17.採取指南する影勝(1)
その夜は何もなかった。いや、何もできなかったのだ。
北海道に戻って緊張の糸が切れたのか、ふたりは風呂の後すぐに寝てしまった。影勝が目覚めて時間を確認すればすでに八時を回っている。
「寝坊したなぁ」
布団から起き上がりリビングに向かう。階段含めて電気が消えている。碧はまだ寝ているようだ。
「碧さんは朝が弱いからな」
影勝は静かに台所に入る。昨晩のカレーはあるが朝からはきつい。
「ま、目玉焼きにでもするか」
ごそごそとフライパンを探していると階段から「おかあさんごめーん、ねぼうしちゃったー」と碧の叫び声が聞こえた。と同時に慌ただしくトトトトと降りる音がしたと思えば台所に現れた。目は眠そうに半分閉じていて、頭は寝ぐせで爆発している。寝巻だろうかわいいキャラクターがプリントされただぼだぼTシャツからは肩がのぞいている。影勝と目が合った碧がピシと音が聞こえるくらいに固まった。
「碧さんおはよう。寝ぐせもかわいいね」
「ひゅぁぁぁぁそうだったぁ影勝くんがいるんだったぁぁぁやだぁぁぁ!」
碧は叫びを置いてけぼりに脱兎のごとく階段を上っていった。自室に逃げ帰った碧は鏡で髪をセットしながらふぇぇぇと涙目だ。
「顔も洗ってないのにぃぃぃ」
髪は縛って誤魔化したが化粧の時間はない。眉は剃っていないのでお化けではないが彼氏の前では綺麗な顔でいたいと思う。鹿児島ですっぴんを見せてるし泣き顔も見せているしいまさらなのだがそんなことは関係ない。朝食の味がしなかった碧である。
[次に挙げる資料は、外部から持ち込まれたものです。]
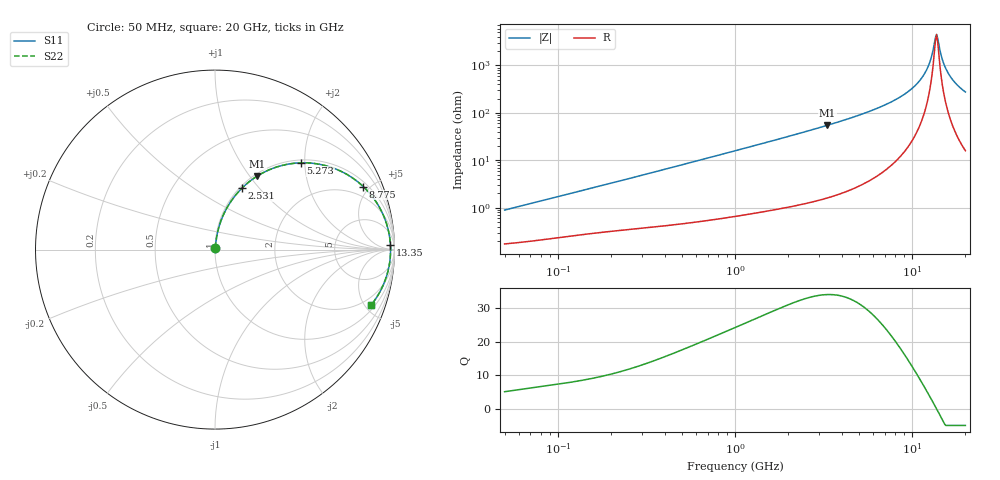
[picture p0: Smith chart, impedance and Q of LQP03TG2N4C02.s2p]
!Murata Part Number: LQP03TG2N4C02
!These Parameters are Measured in Series Mode Connection
!  o--[Z]--o
!Port1  Port2
!  o-------o
!Freq. Start=50[MHz] Stop=20[GHz], 401[Steps]
# Hz S RI R 50
!Freq.(Hz) S11(Real) S11(Imag) S21(Real) S21(Imag) S12(Real) S12(Imag) S22(Real) S22(Imag)
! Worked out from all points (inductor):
!   401 points, 50 MHz to 20 GHz, reference 50 ohm
!   read as one part in series: L = 2.76 nH near 51.52 MHz
!   highest Q = 34.1 at 3.314 GHz (marker M1), where L = 2.62 nH
!   self-resonance near 13.55 GHz
!   S11 on the Smith chart (normalised r, x): 50 MHz: 1.00, +0.02; 2.531 GHz: 1.02, +0.81; 5.273 GHz: 1.06, +1.91; 8.775 GHz: 1.26, +4.57; 13.35 GHz: 37, +44; 20 GHz: 1.32, -5.50
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5e7  0.0018 0.00872  0.9982 -0.00872  0.9982 -0.00872  0.0018 0.00872
1.364002e8  0.00321 0.0227  0.9968 -0.0227  0.9968 -0.0227  0.00321 0.0227
3.721004e8  0.00754 0.0592  0.9925 -0.0592  0.9925 -0.0592  0.00754 0.0592
1e9  0.0305 0.1525  0.9695 -0.1525  0.9695 -0.1525  0.0305 0.1525
2.531158e9  0.1497 0.342  0.8503 -0.342  0.8503 -0.342  0.1497 0.342
2.728004e9  0.1702 0.3612  0.8298 -0.3612  0.8298 -0.3612  0.1702 0.3612
3.314454e9  0.2361 0.4102  0.7639 -0.4102  0.7639 -0.4102  0.2361 0.4102
5.273168e9  0.4786 0.4835  0.5214 -0.4835  0.5214 -0.4835  0.4786 0.4835
7.442007e9  0.7172 0.4287  0.2828 -0.4287  0.2828 -0.4287  0.7172 0.4287
8.774992e9  0.8257 0.3515  0.1743 -0.3515  0.1743 -0.3515  0.8257 0.3515
1.034674e10  0.913 0.2413  0.087 -0.2413  0.087 -0.2413  0.913 0.2413
1.166392e10  0.9556 0.1446  0.0444 -0.1446  0.0444 -0.1446  0.9556 0.1446
1.257102e10  0.9714 0.0795  0.0286 -0.0795  0.0286 -0.0795  0.9714 0.0795
1.334722e10  0.9775 0.026  0.0225 -0.026  0.0225 -0.026  0.9775 0.026
1.354865e10  0.9781 0.0125  0.0219 -0.0125  0.0219 -0.0125  0.9781 0.0125
1.375312e10  0.9783 -0.00103  0.0217 0.00103  0.0217 0.00103  0.9783 -0.00103
1.396067e10  0.9782 -0.0145  0.0218 0.0145  0.0218 0.0145  0.9782 -0.0145
1.504638e10  0.9718 -0.0817  0.0282 0.0817  0.0282 0.0817  0.9718 -0.0817
1.573793e10  0.9636 -0.1212  0.0364 0.1212  0.0364 0.1212  0.9636 -0.1212
1.646126e10  0.9521 -0.1597  0.0479 0.1597  0.0479 0.1597  0.9521 -0.1597
1.800918e10  0.9203 -0.2328  0.0797 0.2328  0.0797 0.2328  0.9203 -0.2328
2e10  0.8698 -0.3087  0.1302 0.3087  0.1302 0.3087  0.8698 -0.3087
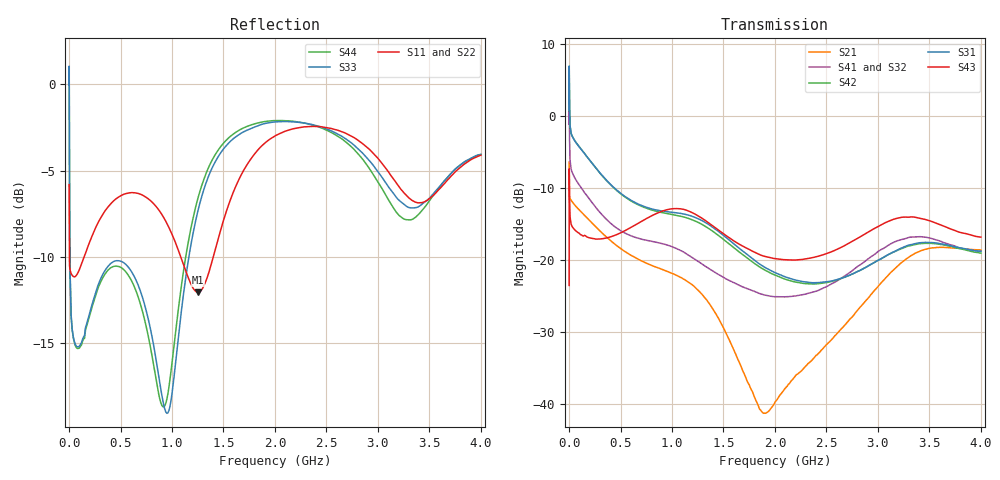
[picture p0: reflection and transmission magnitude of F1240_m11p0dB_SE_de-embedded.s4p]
! Integrated Device Technology
! Corporate Headquarters
! 6024 Silver Creek Valley Road
! San Jose, CA 95138  USA
! Phone:  1-408-284-8200
! Toll Free:  1-800-223-1366
! Webpage:  http://www.idt.com/
! Timing and RF Division
! 515 Groton Road, Suite 102
! Westford, MA 01886-6024
! Device:  F1240
! Description: Dual Intermediate Frequency Digital Variable Gain Amplifier
! Frequency:  10.0 -  500.00 MHz
! Package:  5x5 mm QFN Plastic Package: 32 pin
! Ports:  8 RF, 20 DC
!  Pin  1  = GA3 / Data  Pin 17  = RF OUT_B+
!  Pin  2  = GA4 / CLK  Pin 18  = RF OUT_B-
!  Pin  3  = GA5  Pin 19  = STBY_B
!  Pin  4  = VMODE  Pin 20  = Ground
!  Pin  5  = No Connect  Pin 21  = Ground
!  Pin  6  = GB5  Pin 22  = STB_A
!  Pin  7  = GB4  Pin 23  = RF OUT_A-  = Port 4
!  Pin  8  = GB3  Pin 24  = RF OUT_A+  = Port 3
!  Pin  9  = GB2  Pin 25  = GA0
!  Pin 10  = GB1  Pin 26  = ISET_A
!  Pin 11  = RF IN_B+  Pin 27  = VCC
!  Pin 12  = RF IN_B-  Pin 28  = Ground
!  Pin 13  = Ground  Pin 29  = RF IN_A-  = Port 2
!  Pin 14  = VCC  Pin 30  = RF IN_A+  = Port 1
!  Pin 15  = ISET_B  Pin 31  = GA1
!  Pin 16  = GB0  Pin 32  = GA2 / CSb
! Gain  = +19.5 dB
! State  = 1
! Voltage  = +5.00 V
! Current  = 85.292 mA (one channel only)
! Temperture  =  +25 C
! Test Date  =  2017-10-18
! Board  =  EB4031
! Data:  The device was measured on a custom evaluation board which has
!  individual transmission lines to the RF pins.  Data was collected
!  using a calibrated network analyzer.  The evaluation board was
!  de-embedded using Automatic Fixture Removal.
!  The reference plane is the edge of the package pin.
!  Only Channel A was measured.
!  This data is in single-ended operation.  If your needs are balanced
!  or differential S-parameters then this file needs to be used a
!  linear simulator.
! File Date:  2017-11-10  MJV
! Note:
!  Integrated Device Technology supplies this data as a sample of measured
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# Hz S dB R 100
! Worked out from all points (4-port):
!   410 points, 500 kHz to 4 GHz, reference 100 ohm
!   strongest paths, dB at 500 kHz, 930 MHz, 1.96 GHz, 2.98 GHz, 4 GHz:
!     S43: -23.6, -13.1, -19.7, -15.5, -16.9
!     S31: 0.7, -13.3, -21.5, -20.2, -18.8
!     S42: 0.7, -13.5, -21.9, -20.3, -19.1
!     S41: -1.2, -17.9, -25.1, -19.1, -18.8
!     S32: -1.2, -18.0, -24.9, -19.3, -19.0
!     S21: -6.4, -21.5, -40.6, -24.1, -18.6
!   lowest |S11| = -12.1 dB at 1.25 GHz (marker M1), VSWR 1.66, Z = 60.9 - j9.04 ohm
!   |S11| at or under -10 dB: 3.089 MHz to 148.1 MHz (145.1 MHz wide, 192 % of centre); 1.084 GHz to 1.401 GHz (317.3 MHz wide, 25.5 % of centre)
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500000  -5.82 -5.6  -6.42 -5.8  -31.95 76.4  -33.91 75.7
        -6.43 -5.8  -5.82 -5.6  -33.92 74.7  -31.94 77.5
        0.72 -112.2  -1.16 -113.8  -0.05 -0.4  -23.56 -37.8
        -1.17 -112.7  0.72 -111.1  -23.56 -37.8  -0.06 1.9
3500000  -10.21 -17.1  -11.03 -15.9  -25.75 2.7  -29.78 -11.5
         -11.03 -15.9  -10.21 -17.2  -29.74 -11.8  -25.75 2.9
         2.67 154.1  -1.05 141.0  -4.25 -83.1  -9.60 176.5
         -1.08 141.3  2.67 154.3  -9.60 176.5  -4.29 -83.1
3.6e8  -7.25 -122.5  -16.80 -96.8  -30.67 -78.4  -37.27 -77.1
       -16.79 -96.7  -7.18 -123.3  -37.34 -75.4  -30.85 -78.4
       -8.89 60.6  -14.41 28.9  -10.70 -161.0  -17.02 52.7
       -14.33 28.2  -8.95 59.2  -16.98 52.5  -10.91 -161.8
1.25e9  -12.07 -163.8  -24.27 96.1  -30.17 121.8  -35.45 152.4
        -24.18 96.2  -11.92 -163.4  -35.22 155.7  -31.51 125.3
        -14.27 -134.6  -20.11 153.2  -7.38 -116.6  -14.01 172.5
        -20.20 146.0  -14.79 -135.8  -13.87 172.7  -6.64 -119.3
1.9e9  -3.42 -166.3  -41.01 47.3  -33.52 5.8  -36.15 27.4
       -41.30 45.6  -3.32 -166.9  -36.51 32.9  -34.91 12.6
       -21.03 91.3  -24.66 26.9  -2.27 -173.7  -19.71 53.8
       -24.89 20.2  -21.40 93.9  -19.52 54.8  -2.16 -176.7
2.84e9  -3.39 111.9  -26.39 -7.6  -29.82 -133.4  -32.18 -120.1
        -26.39 -7.5  -3.21 112.4  -32.68 -107.9  -31.09 -124.5
        -21.37 -49.4  -20.78 -125.5  -3.92 105.0  -17.37 -80.2
        -20.58 -136.3  -21.38 -46.0  -16.70 -77.8  -4.26 98.2
4e9  -4.11 -127.6  -18.64 124.7  -27.24 -18.3  -28.33 -3.7
     -18.63 124.8  -3.88 -126.2  -28.92 9.6  -28.94 -7.6
     -18.82 61.2  -19.03 -33.1  -4.06 -132.9  -18.30 61.2
     -18.78 -46.9  -19.08 67.4  -16.85 55.4  -4.07 -142.9

食後、薬草類を採取するためダンジョンに向かう影勝を見送る碧は。
「お水とか持った? 怪我したら薬を使ってね? ゲート出たら連絡してね?」
オカンのごとく影勝にぴったりくっついている。ついていきたいと顔に書いてあるが店の掃除やたまった洗濯などがあるのでお留守番である。ちなみに、店は閉めたままの予定だ。
「うぅぅ、心配だよぅ」
「ひとりで留守番の碧さんも心配だよ」
いっそ連れ去りたい気持ちの影勝だが今日は薬草採取で動き続けるつもりなので碧だと体力的に厳しい。店の中でおとなしくして欲しいと頭をなでる。
「わたしはおねえさんなんだよ? 四つもね?」
と抗議を受けるが寝癖が直りきっていない碧の頭を堪能する。至福の時間である。
いつまでもこうしていたいがお仕事だ。
「行ってくるよ」
「うー、早く帰ってきてね」
不安そうに瞳を揺らす碧に見送られ、うぐぐと胸が痛む。今日はソッコーで帰る絶対だと強く心に誓う影活である。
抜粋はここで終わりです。